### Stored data
####################

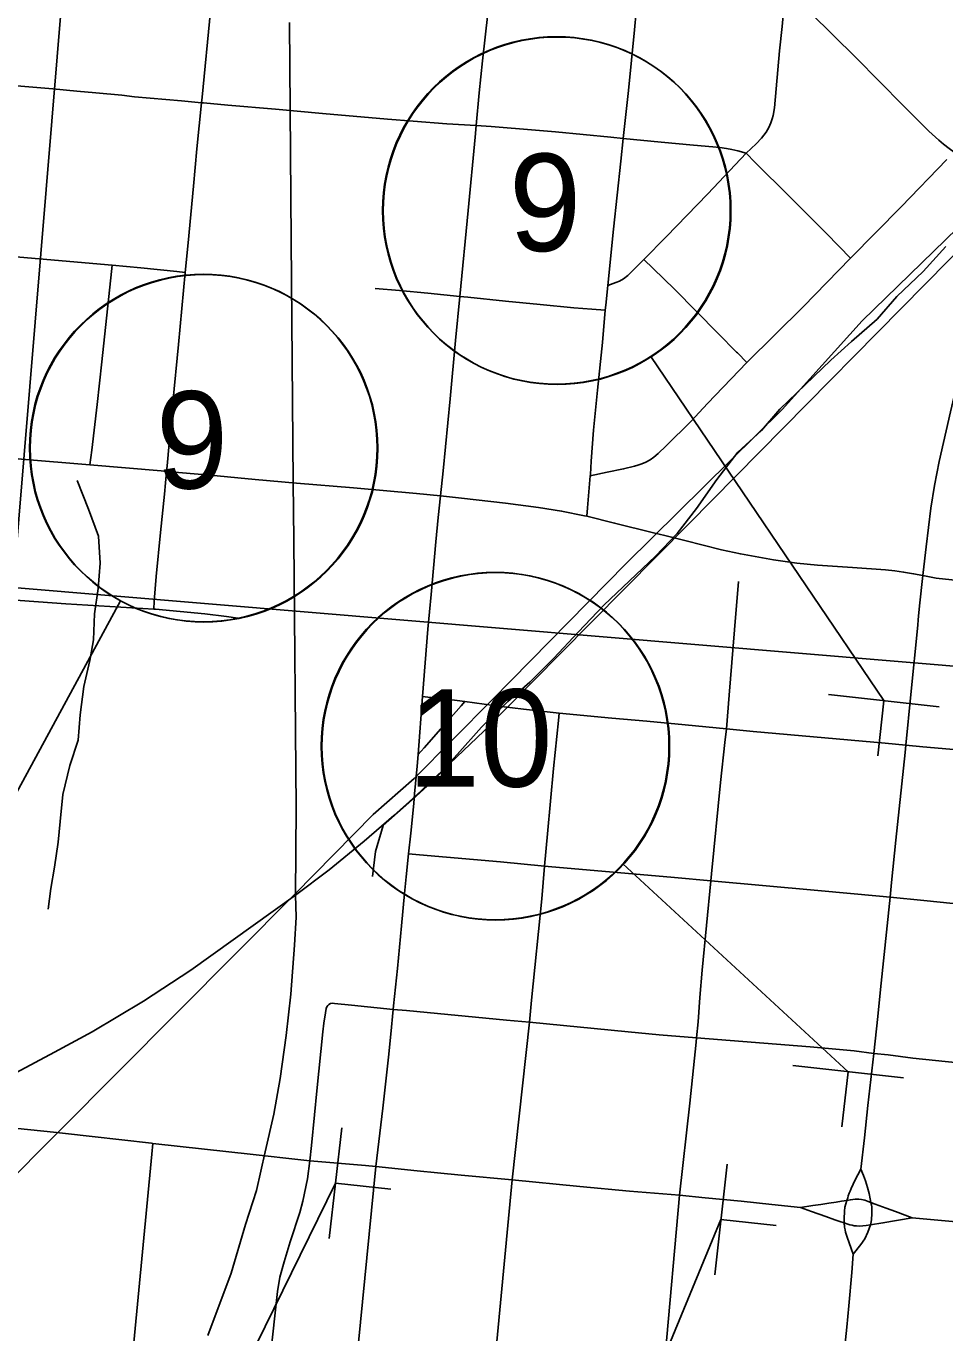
# Model space of a CAD drawing. Extents: x 0 to 1067, y 0 to 440.
# Drawn here: x 348.64 to 375.06, y 98.13 to 135.74 of the extents above; entities that cross this region are included whole.
import ezdxf

# ---------------------------------------------------------------- set-up
doc = ezdxf.new("R2010")
doc.units = 0
for name, color, linetype in [('Default', 7, 'Continuous'), ('GM_X_City_Street', 7, 'Continuous'), ('GM_X_Minor_River', 7, 'Continuous'), ('GM_X_Rail_Line', 7, 'Continuous'), ('GM_X_Section', 7, 'Continuous'), ('GM_X_State_Route', 7, 'Continuous'), ('GM_X_US_Route', 7, 'Continuous'), ('SH_Masking', 7, 'Continuous'), ('SH_Text', 7, 'Continuous'), ('SN_P_Signs', 7, 'Continuous')]:
    doc.layers.add(name, color=color, linetype=linetype)

msp = doc.modelspace()

# ---------------------------------------------------------------- linework, layer by layer
at = {"layer": 'Default'}
msp.add_line((358.398, 102.942), (356.8, 103.085), dxfattribs=at)
for points in [[(376.116, 128.559), (375.98, 127.967), (375.728, 126.841), (375.5, 125.823), (375.228, 124.636), (374.902, 123.209), (374.764, 122.519), (374.657, 121.861), (374.521, 120.755), (374.438, 120.015), (374.428, 119.923), (374.336, 119.054)], [(374.336, 119.054), (374.307, 118.759), (374.296, 118.648), (374.282, 118.501), (374.089, 116.5), (373.937, 115.042), (373.918, 114.831), (373.652, 112.312), (373.531, 111.088), (373.488, 110.667), (373.216, 108.012), (373.139, 107.235), (373.023, 106.172), (372.852, 104.672), (372.749, 103.747), (372.647, 102.84)], [(349.421, 103.902), (346.994, 104.157), (346.241, 104.236)], [(352.283, 103.581), (352.243, 103.585), (349.688, 103.874), (349.421, 103.902)], [(356.8, 103.085), (356.542, 103.11), (355.169, 103.261), (352.283, 103.581)], [(362.618, 102.534), (361.155, 102.668), (360.472, 102.733), (359.881, 102.788), (358.694, 102.915)], [(372.647, 102.84), (372.563, 102.676), (372.488, 102.534), (372.428, 102.408), (372.367, 102.28), (372.338, 102.211), (372.313, 102.146), (372.286, 102.069), (372.268, 102.013), (372.246, 101.937)], [(372.924, 101.242), (372.94, 101.325), (372.949, 101.39), (372.966, 101.555), (372.965, 101.679), (372.961, 101.751), (372.949, 101.817), (372.936, 101.882), (372.916, 101.986), (372.882, 102.138), (372.834, 102.316), (372.776, 102.507), (372.723, 102.658), (372.647, 102.84)], [(367.429, 102.089), (365.994, 102.212), (364.562, 102.339), (362.618, 102.534)], [(370.909, 101.738), (370.087, 101.824), (369.204, 101.916), (368.17, 102.019), (367.429, 102.089)], [(372.246, 101.937), (372.09, 101.916), (371.933, 101.894), (371.728, 101.863), (371.497, 101.826), (371.265, 101.791), (370.909, 101.738)], [(370.909, 101.738), (371.231, 101.619), (371.638, 101.479), (371.903, 101.383), (372.047, 101.335), (372.167, 101.296)], [(372.167, 101.296), (372.24, 101.267), (372.331, 101.24), (372.393, 101.225), (372.453, 101.213), (372.522, 101.206)], [(372.522, 101.206), (372.612, 101.204), (372.702, 101.21), (372.798, 101.222), (372.924, 101.242)]]:
    msp.add_lwpolyline(points, dxfattribs=at)
at = {"layer": 'GM_X_City_Street'}
for p, q in [((362.618, 102.534), (363.112, 107.076)), ((362.175, 97.883), (362.618, 102.534))]:
    msp.add_line(p, q, dxfattribs=at)
for points in [[(352.306, 118.96), (352.323, 119.189), (352.375, 119.899), (352.503, 121.16), (352.618, 122.271), (352.678, 122.924), (352.693, 123.087), (352.853, 124.905), (353.016, 126.572), (353.117, 127.608), (353.216, 128.647), (353.298, 129.499), (353.449, 131.13), (353.546, 132.206), (353.686, 133.531), (353.703, 133.689), (353.938, 136.172), (354.068, 137.506), (354.09, 137.748), (354.253, 139.547), (354.355, 140.548), (354.416, 141.332), (354.441, 141.657)], [(364.764, 121.631), (364.785, 121.875), (364.865, 122.791), (364.869, 122.831), (364.89, 123.218), (364.96, 124.109), (365.071, 125.258), (365.212, 126.629), (365.296, 127.562), (365.309, 127.705), (365.367, 128.272), (365.533, 129.889), (365.743, 131.849), (365.813, 132.503), (365.963, 133.886), (366.133, 135.626), (366.236, 136.674), (366.354, 137.865), (366.457, 138.781), (366.632, 140.525), (366.659, 140.791)], [(369.35, 132.081), (369.636, 132.347), (369.786, 132.513), (369.923, 132.69), (370, 132.818), (370.06, 132.954), (370.097, 133.068), (370.123, 133.167), (370.163, 133.387), (370.311, 135.022), (370.381, 135.727), (370.436, 136.263), (370.528, 137.175), (370.683, 138.884), (370.788, 140.109), (370.817, 140.452)], [(358.694, 102.915), (358.902, 104.593), (359.056, 106.065), (359.125, 106.727), (359.198, 107.44), (359.208, 107.542), (359.317, 108.619), (359.431, 109.844), (359.521, 110.77), (359.568, 111.252), (359.639, 111.913), (359.704, 112.512), (359.787, 113.366), (359.813, 113.642), (359.888, 114.443), (359.913, 114.772), (360.043, 116.447), (360.192, 118.381), (360.289, 119.379), (360.424, 120.896), (360.487, 121.6), (360.554, 122.217), (360.632, 122.935), (360.838, 125.014), (360.988, 126.685), (361.112, 127.956), (361.354, 130.432), (361.551, 132.545), (361.582, 132.878), (361.671, 133.819), (361.766, 134.739), (361.998, 136.788)], [(371.126, 136.188), (371.196, 136.121), (372.504, 134.831), (373.862, 133.451), (374.599, 132.716), (374.892, 132.451), (375.025, 132.34), (375.191, 132.212), (375.33, 132.111), (375.58, 131.985), (375.936, 131.818), (376.328, 131.671), (376.752, 131.513)], [(347.454, 134.094), (349.403, 133.93), (350.095, 133.865), (350.647, 133.819), (351.387, 133.747), (351.756, 133.706), (353.109, 133.584), (353.686, 133.531), (353.735, 133.526), (354.439, 133.46), (355.813, 133.349), (357.165, 133.221), (359.031, 133.058), (359.774, 132.998), (360.74, 132.929), (361.582, 132.878), (362.016, 132.851), (363.292, 132.741), (363.861, 132.692), (365.455, 132.538), (365.813, 132.503), (366.902, 132.4), (367.83, 132.312), (368.388, 132.264), (368.592, 132.241), (368.781, 132.212), (368.934, 132.183), (369.108, 132.146), (369.35, 132.081)], [(365.367, 128.272), (365.599, 128.359), (365.705, 128.401), (365.818, 128.465), (365.944, 128.561), (366.079, 128.69), (366.404, 129.021), (367.048, 129.676), (368.249, 130.906), (369.35, 132.081)], [(369.35, 132.081), (369.608, 131.811), (370.589, 130.842), (371.221, 130.211), (371.326, 130.106), (371.642, 129.791), (372.026, 129.391), (372.351, 129.062)], [(364.865, 122.791), (365.348, 122.896), (365.823, 122.993), (366.137, 123.073), (366.234, 123.104), (366.35, 123.144), (366.462, 123.186), (366.583, 123.256), (366.697, 123.331), (366.817, 123.433), (367.044, 123.654), (367.753, 124.356), (368.24, 124.881), (369.372, 126.058), (370.992, 127.658), (372.351, 129.062), (373.806, 130.536), (375.122, 131.902)], [(346.901, 129.218), (351.111, 128.853), (351.937, 128.782), (352.971, 128.672), (353.216, 128.647)], [(366.404, 129.021), (366.669, 128.765), (367.289, 128.169), (368.545, 126.892), (369.069, 126.357), (369.095, 126.33), (369.372, 126.058)], [(350.474, 123.111), (350.524, 123.534), (350.681, 124.845), (350.813, 126.072), (351.091, 128.672), (351.111, 128.853)], [(358.673, 128.187), (359.38, 128.124), (360.196, 128.048), (361.112, 127.956), (361.347, 127.932), (362.424, 127.825), (363.426, 127.721), (364.392, 127.63), (364.913, 127.591), (365.296, 127.562)], [(344.664, 123.625), (347.246, 123.396), (348.507, 123.277), (350.474, 123.111)], [(350.474, 123.111), (352.519, 122.938), (352.678, 122.924)], [(352.678, 122.924), (353.929, 122.812), (355.227, 122.691), (356.416, 122.585), (358.05, 122.45), (359.867, 122.289), (360.554, 122.217)], [(360.554, 122.217), (361.163, 122.153), (362.421, 122.012), (363.379, 121.886), (364.039, 121.779), (364.694, 121.648), (364.764, 121.631)], [(364.764, 121.631), (365.561, 121.435), (366.682, 121.158), (367.008, 121.077), (367.586, 120.932), (368.635, 120.667), (369.182, 120.548), (370.138, 120.381), (370.804, 120.284), (371.399, 120.222), (372.405, 120.154), (373.36, 120.09), (373.621, 120.065), (373.878, 120.026), (374.164, 119.976), (374.428, 119.923)], [(339.198, 120.018), (340.534, 119.899), (344.19, 119.569), (345.037, 119.494), (346.917, 119.328), (348.07, 119.234), (349.776, 119.115), (352.306, 118.96), (352.36, 118.957), (353.071, 118.894), (353.774, 118.823), (354.397, 118.748), (354.727, 118.699)], [(368.779, 115.515), (368.863, 116.482), (369.01, 118.358), (369.13, 119.752)], [(374.428, 119.923), (374.81, 119.853), (375.264, 119.799), (376.526, 119.675), (379.34, 119.399), (379.581, 119.368)], [(359.913, 114.772), (360.085, 114.967), (360.566, 115.513), (361.148, 116.176), (361.253, 116.296)], [(360.043, 116.447), (360.192, 116.429), (360.738, 116.366), (361.253, 116.296), (361.536, 116.259), (362.086, 116.184), (362.313, 116.153), (362.94, 116.077), (363.967, 115.963), (365.489, 115.818), (366.489, 115.734), (367.595, 115.628), (368.779, 115.515), (369.548, 115.441), (373.345, 115.101), (373.937, 115.042)], [(363.112, 107.076), (363.175, 107.703), (363.474, 110.62), (363.552, 111.561), (363.63, 112.496), (363.808, 114.37), (363.946, 115.749), (363.967, 115.963)], [(367.429, 102.089), (367.726, 104.742), (367.906, 106.493), (367.918, 106.617), (367.964, 107.082), (368.02, 107.785), (368.085, 108.564), (368.33, 111.143), (368.349, 111.34), (368.613, 113.968), (368.734, 115.12), (368.779, 115.515)], [(373.937, 115.042), (374.425, 114.997), (375.645, 114.889), (378.78, 114.612), (379.021, 114.591), (382.71, 114.268), (383.853, 114.166), (384.189, 114.124), (386.417, 113.917), (388.447, 113.728), (390.523, 113.524), (394.165, 113.168), (394.515, 113.136), (398.504, 112.778), (398.648, 112.765), (408.548, 111.817), (410.23, 111.667), (412.922, 111.384), (414.026, 111.268), (417.287, 110.919), (420.686, 110.598), (421.107, 110.558)], [(359.639, 111.913), (359.952, 111.886), (362.281, 111.687), (363.552, 111.561), (363.651, 111.551), (367.291, 111.239), (368.33, 111.143), (371.407, 110.857), (373.18, 110.695), (373.488, 110.667)], [(373.488, 110.667), (374.457, 110.569), (375.678, 110.446), (377.192, 110.311), (378.525, 110.185), (378.577, 110.18), (379.637, 110.085), (382.924, 109.793), (383.45, 109.743), (384.366, 109.656), (385.977, 109.501), (386.171, 109.475), (390.093, 109.102), (390.987, 109.016), (393.869, 108.743), (394.081, 108.724), (395.539, 108.593), (397.216, 108.45), (398.078, 108.377), (399.342, 108.265), (402.999, 107.914)], [(356.8, 103.085), (356.844, 103.524), (356.931, 104.407), (357.002, 105.095), (357.176, 106.789), (357.205, 107.041), (357.245, 107.343), (357.267, 107.464), (357.286, 107.514), (357.312, 107.555), (357.345, 107.584)], [(357.345, 107.584), (357.393, 107.606), (357.449, 107.614), (357.504, 107.61), (357.996, 107.558), (359.198, 107.44)], [(359.198, 107.44), (359.576, 107.403), (362.459, 107.13), (363.112, 107.076)], [(363.112, 107.076), (365.954, 106.794), (366.845, 106.707), (367.918, 106.617)], [(367.918, 106.617), (371.185, 106.358), (372.459, 106.251), (373.023, 106.172)], [(373.023, 106.172), (373.433, 106.128), (374.144, 106.037), (376.471, 105.8), (378.114, 105.635)], [(341.077, 85.173), (347.518, 91.121), (349.745, 93.08), (349.999, 93.346), (350.184, 93.574), (350.348, 93.817), (350.549, 94.171), (350.777, 94.637), (351.347, 96.011), (351.486, 96.432), (351.576, 96.791), (351.651, 97.19), (351.737, 97.854), (352.253, 103.274), (352.283, 103.581)], [(354.833, 88.561), (354.797, 88.851), (354.775, 89.023), (354.775, 89.152), (354.79, 89.3), (355.504, 95.991), (355.865, 99.321), (355.934, 99.736), (356.062, 100.17), (356.23, 100.752), (356.509, 101.598), (356.594, 101.922), (356.729, 102.563), (356.8, 103.085)], [(356.818, 83.639), (356.791, 83.69), (356.786, 83.779), (356.791, 83.892), (357.363, 89.368), (357.995, 95.811), (358.694, 102.915)], [(365.508, 82.695), (365.533, 82.923), (366.142, 88.583), (366.58, 92.902), (367.014, 97.469), (367.429, 102.089)]]:
    msp.add_lwpolyline(points, dxfattribs=at)
at = {"layer": 'GM_X_Minor_River'}
for points in [[(358.604, 111.259), (358.686, 111.987), (358.904, 112.735), (359.644, 113.384), (360.384, 114.055), (361.035, 114.773), (361.732, 115.558), (362.496, 116.297), (363.121, 116.856), (363.817, 117.551), (364.513, 118.291), (365.255, 119.076), (365.996, 119.77), (366.738, 120.486), (367.364, 121.136), (367.923, 121.856), (368.507, 122.689), (369.113, 123.476), (369.785, 124.103), (370.319, 124.709), (371.779, 126.12), (372.38, 126.656), (373.12, 127.305), (373.678, 127.956), (374.443, 128.672), (375.093, 129.39)], [(349.273, 110.324), (349.352, 110.915), (349.454, 111.528), (349.558, 112.256), (349.614, 112.847), (349.696, 113.621), (349.893, 114.46), (350.133, 115.185), (350.192, 115.913), (350.297, 116.732), (350.47, 117.481), (350.571, 118.072), (350.607, 118.823), (350.711, 119.55), (350.769, 120.278), (350.715, 121.054), (350.432, 121.833), (350.105, 122.659)]]:
    msp.add_lwpolyline(points, dxfattribs=at)
at = {"layer": 'GM_X_Rail_Line'}
for points in [[(353.862, 98.058), (354.532, 99.851), (354.947, 101.249), (355.26, 102.225), (355.509, 103.335), (355.758, 104.427), (355.943, 105.448), (356.115, 106.686), (356.249, 107.879), (356.358, 109.283), (356.402, 110.093), (356.384, 110.723), (356.404, 113.246), (356.341, 120.947), (356.322, 122.613), (356.264, 129.575), (356.216, 135.845)], [(348.344, 105.612), (349.451, 106.204), (350.534, 106.789), (352.017, 107.674), (353.373, 108.565), (356.384, 110.723), (357.351, 111.455), (358.357, 112.276), (359.217, 113.021), (359.847, 113.588), (361.8, 115.445), (363.987, 117.665), (367.695, 121.418), (376.531, 130.37), (377.357, 131.235), (377.909, 131.904), (378.756, 132.93)], [(356.37, 110.755), (358.619, 113.048), (359.795, 114.081), (362.038, 116.348), (365.9, 120.275), (370.388, 124.707), (372.687, 127.253), (375.425, 129.919), (376.58, 131.044)], [(356.37, 110.755), (341.091, 95.394), (330.427, 84.614)]]:
    msp.add_lwpolyline(points, dxfattribs=at)
at = {"layer": 'GM_X_Section'}
for points in [[(293.305, 184.745), (353.183, 178.942), (348.264, 119.585), (289.359, 125.481)], [(353.183, 178.942), (415.565, 173.729), (410.18, 114.397), (348.264, 119.585)], [(410.18, 114.397), (404.583, 52.958), (342.16, 58.91), (348.264, 119.585)]]:
    msp.add_lwpolyline(points, close=True, dxfattribs=at)
at = {"layer": 'GM_X_State_Route'}
for p, q in [((356.8, 103.085), (358.398, 102.942)), ((358.398, 102.942), (358.694, 102.915)), ((374.124, 101.438), (377.642, 101.116))]:
    msp.add_line(p, q, dxfattribs=at)
for points in [[(346.241, 104.236), (346.994, 104.157), (349.421, 103.902)], [(349.421, 103.902), (349.688, 103.874), (352.243, 103.585), (352.283, 103.581)], [(352.283, 103.581), (355.169, 103.261), (356.542, 103.11), (356.8, 103.085)], [(358.694, 102.915), (359.881, 102.788), (360.472, 102.733), (361.155, 102.668), (362.618, 102.534)], [(362.618, 102.534), (364.562, 102.339), (365.994, 102.212), (367.429, 102.089)], [(367.429, 102.089), (368.17, 102.019), (369.204, 101.916), (370.087, 101.824), (370.909, 101.738)], [(370.909, 101.738), (371.231, 101.619), (371.638, 101.479), (371.903, 101.383), (372.047, 101.335), (372.167, 101.296)], [(372.167, 101.296), (372.24, 101.267), (372.331, 101.24), (372.393, 101.225), (372.453, 101.213), (372.522, 101.206)], [(372.522, 101.206), (372.612, 101.204), (372.702, 101.21), (372.798, 101.222), (372.924, 101.242)], [(372.924, 101.242), (373.282, 101.292), (374.124, 101.438)]]:
    msp.add_lwpolyline(points, dxfattribs=at)
at = {"layer": 'GM_X_US_Route'}
for p, q in [((356.8, 103.085), (358.398, 102.942)), ((358.398, 102.942), (358.694, 102.915)), ((374.124, 101.438), (377.642, 101.116))]:
    msp.add_line(p, q, dxfattribs=at)
for points in [[(374.336, 119.054), (374.428, 119.923), (374.438, 120.015), (374.521, 120.755), (374.657, 121.861), (374.764, 122.519), (374.902, 123.209), (375.228, 124.636), (375.5, 125.823), (375.728, 126.841), (375.98, 127.967), (376.116, 128.559)], [(372.647, 102.84), (372.749, 103.747), (372.852, 104.672), (373.023, 106.172), (373.139, 107.235), (373.216, 108.012), (373.488, 110.667), (373.531, 111.088), (373.652, 112.312), (373.918, 114.831), (373.937, 115.042), (374.089, 116.5), (374.282, 118.501), (374.296, 118.648), (374.307, 118.759), (374.336, 119.054)], [(346.241, 104.236), (346.994, 104.157), (349.421, 103.902)], [(349.421, 103.902), (349.688, 103.874), (352.243, 103.585), (352.283, 103.581)], [(352.283, 103.581), (355.169, 103.261), (356.542, 103.11), (356.8, 103.085)], [(358.694, 102.915), (359.881, 102.788), (360.472, 102.733), (361.155, 102.668), (362.618, 102.534)], [(372.43, 100.391), (372.255, 100.882), (372.208, 101.031), (372.193, 101.098), (372.18, 101.169), (372.167, 101.296), (372.164, 101.415), (372.177, 101.628), (372.19, 101.743), (372.213, 101.84), (372.246, 101.937), (372.268, 102.013), (372.286, 102.069), (372.313, 102.146), (372.338, 102.211), (372.367, 102.28), (372.428, 102.408), (372.488, 102.534), (372.563, 102.676), (372.647, 102.84)], [(372.924, 101.242), (372.94, 101.325), (372.949, 101.39), (372.966, 101.555), (372.965, 101.679), (372.961, 101.751), (372.949, 101.817), (372.936, 101.882), (372.916, 101.986), (372.882, 102.138), (372.834, 102.316), (372.776, 102.507), (372.723, 102.658), (372.647, 102.84)], [(362.618, 102.534), (364.562, 102.339), (365.994, 102.212), (367.429, 102.089)], [(367.429, 102.089), (368.17, 102.019), (369.204, 101.916), (370.087, 101.824), (370.909, 101.738)], [(370.909, 101.738), (371.265, 101.791), (371.497, 101.826), (371.728, 101.863), (371.933, 101.894), (372.09, 101.916), (372.246, 101.937), (372.347, 101.959), (372.418, 101.971), (372.484, 101.979), (372.589, 101.98), (372.663, 101.971), (372.761, 101.952), (372.861, 101.915), (372.936, 101.882), (373.057, 101.838), (373.379, 101.72), (373.642, 101.623), (374.124, 101.438)], [(370.909, 101.738), (371.231, 101.619), (371.638, 101.479), (371.903, 101.383), (372.047, 101.335), (372.167, 101.296)], [(372.167, 101.296), (372.24, 101.267), (372.331, 101.24), (372.393, 101.225), (372.453, 101.213), (372.522, 101.206)], [(372.43, 100.391), (372.649, 100.674), (372.761, 100.839), (372.849, 101.024), (372.924, 101.242)], [(372.522, 101.206), (372.612, 101.204), (372.702, 101.21), (372.798, 101.222), (372.924, 101.242)], [(372.924, 101.242), (373.282, 101.292), (374.124, 101.438)], [(371.638, 92.486), (371.674, 92.844), (371.823, 94.223), (372.017, 96.104), (372.111, 97.004), (372.241, 98.289), (372.3, 98.905), (372.391, 99.863), (372.43, 100.391)]]:
    msp.add_lwpolyline(points, dxfattribs=at)
at = {"layer": 'SH_Masking'}
for centre in [(363.911, 130.424), (353.753, 123.588), (362.147, 115.008)]:
    msp.add_circle(centre, 5, dxfattribs=at)
at = {"layer": 'SH_Text'}
for p, q in [((373.304, 116.327), (366.606, 126.232)), ((343.906, 105.458), (351.352, 119.2)), ((372.278, 105.646), (365.805, 111.628)), ((352.929, 93.034), (357.536, 102.44)), ((364.089, 90.413), (368.622, 101.394))]:
    msp.add_line(p, q, dxfattribs=at)
for centre in [(363.892, 130.432), (353.734, 123.596), (362.128, 115.016)]:
    msp.add_circle(centre, 5, dxfattribs=at)
at = {"layer": 'SN_P_Signs'}
for p, q in [((374.898, 116.149), (371.717, 116.498)), ((373.307, 116.323), (373.133, 114.733)), ((373.869, 105.471), (370.688, 105.82)), ((372.278, 105.646), (372.104, 104.055)), ((357.357, 100.85), (357.716, 104.03)), ((368.443, 99.804), (368.802, 102.984)), ((357.536, 102.44), (359.126, 102.261)), ((368.622, 101.394), (370.212, 101.215))]:
    msp.add_line(p, q, dxfattribs=at)

# ---------------------------------------------------------------- texts
at = {"layer": 'SH_Text'}
for s, p in [('9', (362.524, 129.264)), ('9', (352.366, 122.429)), ('10', (359.615, 113.849))]:
    msp.add_text(s, height=2.8, rotation=360, dxfattribs=at).set_placement(p)

doc.saveas('drawing.dxf')

####################

### DIRECTIONS FOR THIS TASK
Please return the span of lines above that opens with the one containing "height=2.8, rotation=360, dxfattribs=at).set_placement(p)" and closes with the final line, both included, exactly as written and nothing more.

### OUTPUT FOR THIS EXERCISE
    msp.add_text(s, height=2.8, rotation=360, dxfattribs=at).set_placement(p)

doc.saveas('drawing.dxf')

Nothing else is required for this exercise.